Fine-tuning Large Language Models for Automated Diagnostic Screening Summaries
This work addresses the need for scalable mental health support in developing countries by automating diagnostic screenings, but it is incremental as it applies fine-tuning to existing LLMs on a custom dataset.
The paper tackles the problem of generating concise summaries from mental state examinations for automated diagnostic screening in mental health, and the result is that their fine-tuned model outperforms existing models with ROUGE-1 and ROUGE-L scores of 0.810 and 0.764, showing promising generalizability on a public dataset.

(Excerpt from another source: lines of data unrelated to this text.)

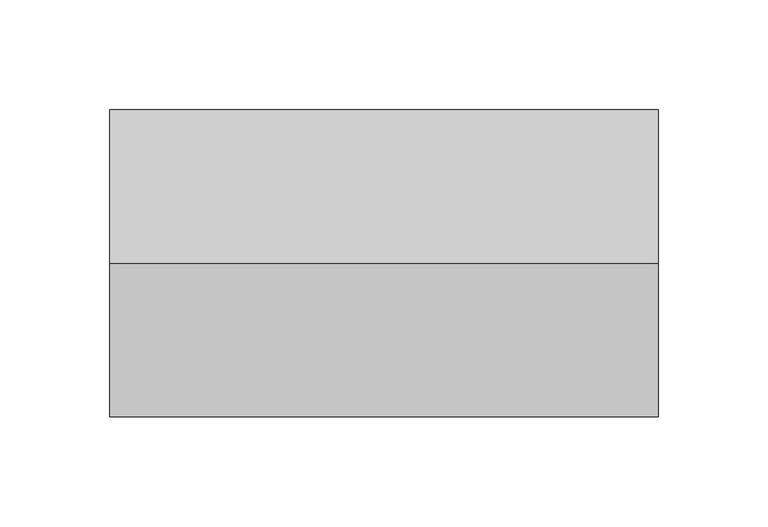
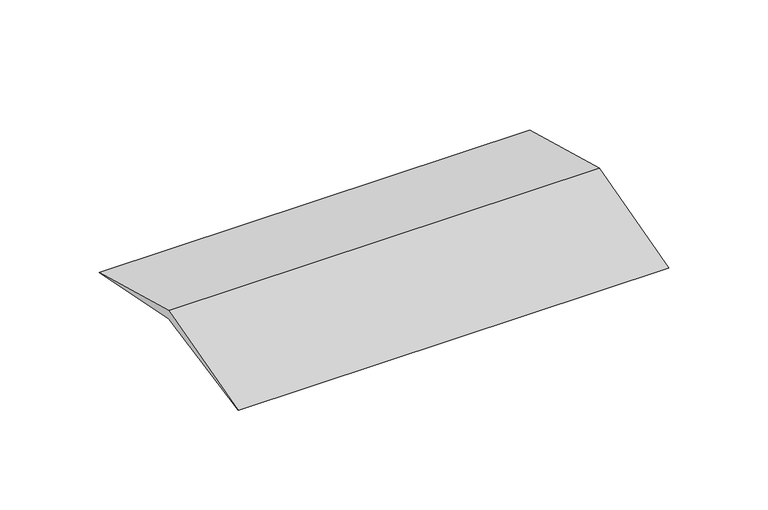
"""IFC4 building model written with IfcOpenShell, lengths in millimetres: cable carrier fitting geometry, КНС_НакладкаНаСтыкФронтальныхКрышекКоробов_ILF_DKC : Накладка на стык фронтальных крышек коробов."""

from ifc_helpers import new_model, si_unit, frame, origin, place, context, project, spatial, polyline, outline, extrude, source, transform, mapped, element, save


def cable_carrier_fitting_0182879c(model_context):
    return source(origin(), model_context, "Body", "SweptSolid", [
        extrude(outline(polyline([(0.0, 39.0), (-70.0, 25.0), (0.0, 44.0), (70.0, 25.0), (0.0, 39.0)])), frame((-125.0, 0.0, 0.0), z_axis=(1.0, 0.0, 0.0), x_axis=(0.0, 1.0, 0.0)), (0.0, 0.0, 1.0), 250.0),
    ])


if __name__ == "__main__":
    model = new_model("IFC4")
    model_context = context("Model", 3, world=origin())
    ifc_project = project(units=[si_unit("LENGTHUNIT", "METRE", prefix="MILLI")], contexts=[model_context])
    site = spatial("IfcSite", under=ifc_project)
    building = spatial("IfcBuilding", under=site)
    placement = place(None, origin())
    cable_carrier_fitting_shape = cable_carrier_fitting_0182879c(model_context)
    element("IfcCableCarrierFitting", 1, ObjectType="КНС_НакладкаНаСтыкФронтальныхКрышекКоробов_ILF_DKC : Накладка на стык фронтальных крышек коробов", at=placement, inside=building, context=model_context, shape_type="MappedRepresentation", body=[
        mapped(cable_carrier_fitting_shape, transform((0.0, 0.0, 0.0), x_axis=(1.0, 0.0, 0.0), y_axis=(0.0, 1.0, 0.0), z_axis=(0.0, 0.0, 1.0))),
    ])
    save(model, "model.ifc")

Improving mental health support in developing countries is a pressing need. One potential solution is the development of scalable, automated systems to conduct diagnostic screenings, which could help alleviate the burden on mental health professionals. In this work, we evaluate several state-of-the-art Large Language Models (LLMs), with and without fine-tuning, on our custom dataset for generating concise summaries from mental state examinations. We rigorously evaluate four different models for summary generation using established ROUGE metrics and input from human evaluators. The results highlight that our top-performing fine-tuned model outperforms existing models, achieving ROUGE-1 and ROUGE-L values of 0.810 and 0.764, respectively. Furthermore, we assessed the fine-tuned model's generalizability on a publicly available D4 dataset, and the outcomes were promising, indicating its potential applicability beyond our custom dataset.